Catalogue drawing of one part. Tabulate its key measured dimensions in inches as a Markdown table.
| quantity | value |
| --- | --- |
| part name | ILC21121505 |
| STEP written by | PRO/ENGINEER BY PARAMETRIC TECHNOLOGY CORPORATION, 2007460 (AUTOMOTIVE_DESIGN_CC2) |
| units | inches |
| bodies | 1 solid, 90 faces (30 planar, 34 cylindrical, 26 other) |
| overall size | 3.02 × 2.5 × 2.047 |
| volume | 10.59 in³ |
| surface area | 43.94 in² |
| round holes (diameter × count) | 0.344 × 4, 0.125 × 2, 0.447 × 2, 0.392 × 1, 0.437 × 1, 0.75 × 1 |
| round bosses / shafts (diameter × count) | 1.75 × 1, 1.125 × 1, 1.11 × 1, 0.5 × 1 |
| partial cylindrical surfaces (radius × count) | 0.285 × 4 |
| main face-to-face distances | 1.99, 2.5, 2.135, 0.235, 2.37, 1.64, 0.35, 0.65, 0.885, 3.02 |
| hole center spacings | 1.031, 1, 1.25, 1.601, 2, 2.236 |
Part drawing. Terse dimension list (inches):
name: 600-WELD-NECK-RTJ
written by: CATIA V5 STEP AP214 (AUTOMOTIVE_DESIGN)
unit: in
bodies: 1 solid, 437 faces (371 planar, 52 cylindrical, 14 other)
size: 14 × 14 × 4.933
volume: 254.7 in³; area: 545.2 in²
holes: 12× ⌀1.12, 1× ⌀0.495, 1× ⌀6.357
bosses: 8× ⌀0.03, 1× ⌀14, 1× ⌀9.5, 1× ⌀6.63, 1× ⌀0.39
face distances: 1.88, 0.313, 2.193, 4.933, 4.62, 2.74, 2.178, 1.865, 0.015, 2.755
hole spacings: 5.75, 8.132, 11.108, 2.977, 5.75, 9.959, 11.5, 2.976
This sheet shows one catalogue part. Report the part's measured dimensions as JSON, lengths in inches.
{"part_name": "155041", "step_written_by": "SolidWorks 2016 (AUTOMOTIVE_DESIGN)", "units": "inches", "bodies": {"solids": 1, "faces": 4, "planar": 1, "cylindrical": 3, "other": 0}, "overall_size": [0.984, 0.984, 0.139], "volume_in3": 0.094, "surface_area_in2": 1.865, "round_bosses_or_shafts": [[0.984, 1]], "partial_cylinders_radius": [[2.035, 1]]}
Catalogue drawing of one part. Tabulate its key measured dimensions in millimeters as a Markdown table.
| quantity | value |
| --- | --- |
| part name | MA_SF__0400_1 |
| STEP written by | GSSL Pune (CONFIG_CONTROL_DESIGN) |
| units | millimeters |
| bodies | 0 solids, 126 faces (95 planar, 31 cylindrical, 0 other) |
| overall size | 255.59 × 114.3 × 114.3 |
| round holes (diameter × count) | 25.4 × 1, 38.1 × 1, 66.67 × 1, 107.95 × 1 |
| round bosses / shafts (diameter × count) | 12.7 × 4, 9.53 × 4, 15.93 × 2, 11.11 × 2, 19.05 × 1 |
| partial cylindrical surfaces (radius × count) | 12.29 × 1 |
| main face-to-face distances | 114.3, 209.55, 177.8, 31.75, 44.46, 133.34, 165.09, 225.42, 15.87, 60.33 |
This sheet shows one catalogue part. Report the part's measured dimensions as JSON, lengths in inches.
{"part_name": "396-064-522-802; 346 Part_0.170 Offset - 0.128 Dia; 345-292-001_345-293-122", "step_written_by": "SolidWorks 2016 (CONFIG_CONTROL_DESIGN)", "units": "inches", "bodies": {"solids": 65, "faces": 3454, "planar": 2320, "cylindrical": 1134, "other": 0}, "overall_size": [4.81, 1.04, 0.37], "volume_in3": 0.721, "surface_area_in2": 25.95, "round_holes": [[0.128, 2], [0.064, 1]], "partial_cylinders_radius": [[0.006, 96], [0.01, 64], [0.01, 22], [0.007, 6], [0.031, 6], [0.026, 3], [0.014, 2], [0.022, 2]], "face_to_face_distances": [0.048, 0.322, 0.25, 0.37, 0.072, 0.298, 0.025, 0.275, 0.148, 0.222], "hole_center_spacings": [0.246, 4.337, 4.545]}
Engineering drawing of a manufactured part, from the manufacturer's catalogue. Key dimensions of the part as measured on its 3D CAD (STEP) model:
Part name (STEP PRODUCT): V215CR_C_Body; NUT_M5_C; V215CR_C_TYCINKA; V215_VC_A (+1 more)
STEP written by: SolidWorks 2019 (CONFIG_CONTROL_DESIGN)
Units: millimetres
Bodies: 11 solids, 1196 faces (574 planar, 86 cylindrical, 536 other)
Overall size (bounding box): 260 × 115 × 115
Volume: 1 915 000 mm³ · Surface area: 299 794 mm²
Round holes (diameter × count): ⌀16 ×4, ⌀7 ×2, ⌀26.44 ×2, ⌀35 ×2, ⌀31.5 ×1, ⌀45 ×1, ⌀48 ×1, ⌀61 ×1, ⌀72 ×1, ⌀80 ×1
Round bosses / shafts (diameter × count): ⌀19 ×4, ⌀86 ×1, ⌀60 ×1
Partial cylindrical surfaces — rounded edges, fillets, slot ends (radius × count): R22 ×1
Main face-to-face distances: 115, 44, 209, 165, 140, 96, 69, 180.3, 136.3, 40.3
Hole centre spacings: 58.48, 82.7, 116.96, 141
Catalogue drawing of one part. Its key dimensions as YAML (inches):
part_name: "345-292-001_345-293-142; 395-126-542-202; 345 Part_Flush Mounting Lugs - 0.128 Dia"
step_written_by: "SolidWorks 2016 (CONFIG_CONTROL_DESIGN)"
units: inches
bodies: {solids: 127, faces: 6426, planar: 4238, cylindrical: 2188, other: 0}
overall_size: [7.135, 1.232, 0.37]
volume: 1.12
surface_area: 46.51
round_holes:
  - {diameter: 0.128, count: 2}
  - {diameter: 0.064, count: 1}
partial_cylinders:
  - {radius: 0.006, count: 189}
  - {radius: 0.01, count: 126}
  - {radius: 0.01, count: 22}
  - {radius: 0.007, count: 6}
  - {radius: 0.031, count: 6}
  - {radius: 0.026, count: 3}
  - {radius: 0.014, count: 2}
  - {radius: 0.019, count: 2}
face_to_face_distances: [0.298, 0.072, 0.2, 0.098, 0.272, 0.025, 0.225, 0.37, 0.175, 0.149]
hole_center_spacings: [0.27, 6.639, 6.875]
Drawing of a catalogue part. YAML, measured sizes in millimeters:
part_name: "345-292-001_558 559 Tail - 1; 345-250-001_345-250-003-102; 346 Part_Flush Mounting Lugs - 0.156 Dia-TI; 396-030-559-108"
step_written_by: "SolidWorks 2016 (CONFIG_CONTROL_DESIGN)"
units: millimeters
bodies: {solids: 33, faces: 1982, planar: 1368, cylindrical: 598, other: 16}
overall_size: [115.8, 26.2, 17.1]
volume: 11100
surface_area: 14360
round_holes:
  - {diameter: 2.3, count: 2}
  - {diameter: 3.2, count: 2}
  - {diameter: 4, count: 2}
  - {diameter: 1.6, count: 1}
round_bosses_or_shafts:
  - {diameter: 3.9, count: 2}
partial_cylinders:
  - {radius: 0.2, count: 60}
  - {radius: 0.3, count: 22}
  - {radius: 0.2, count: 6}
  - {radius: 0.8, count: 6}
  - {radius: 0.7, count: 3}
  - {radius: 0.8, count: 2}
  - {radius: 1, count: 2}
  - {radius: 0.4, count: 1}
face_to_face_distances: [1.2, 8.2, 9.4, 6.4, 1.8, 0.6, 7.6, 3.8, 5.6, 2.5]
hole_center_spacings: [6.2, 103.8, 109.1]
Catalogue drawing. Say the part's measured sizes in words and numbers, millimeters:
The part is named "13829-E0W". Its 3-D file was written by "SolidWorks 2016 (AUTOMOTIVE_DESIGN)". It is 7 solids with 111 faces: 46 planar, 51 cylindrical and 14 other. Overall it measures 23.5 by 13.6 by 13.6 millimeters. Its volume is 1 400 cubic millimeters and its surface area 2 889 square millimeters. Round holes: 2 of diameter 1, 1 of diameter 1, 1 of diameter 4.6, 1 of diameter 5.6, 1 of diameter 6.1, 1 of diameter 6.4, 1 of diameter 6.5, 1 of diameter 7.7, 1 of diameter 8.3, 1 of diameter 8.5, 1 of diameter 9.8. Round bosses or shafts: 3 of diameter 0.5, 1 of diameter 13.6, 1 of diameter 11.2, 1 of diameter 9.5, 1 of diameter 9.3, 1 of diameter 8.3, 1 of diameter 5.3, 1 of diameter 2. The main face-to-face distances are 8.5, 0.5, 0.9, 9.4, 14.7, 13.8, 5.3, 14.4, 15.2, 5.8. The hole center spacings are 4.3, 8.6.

⁂

### ABOUT THIS TASK
Filter the records above for lines with "Tabulate".

### OUTPUT OF THE TASK
Catalogue drawing of one part. Tabulate its key measured dimensions in inches as a Markdown table.
Catalogue drawing of one part. Tabulate its key measured dimensions in millimeters as a Markdown table.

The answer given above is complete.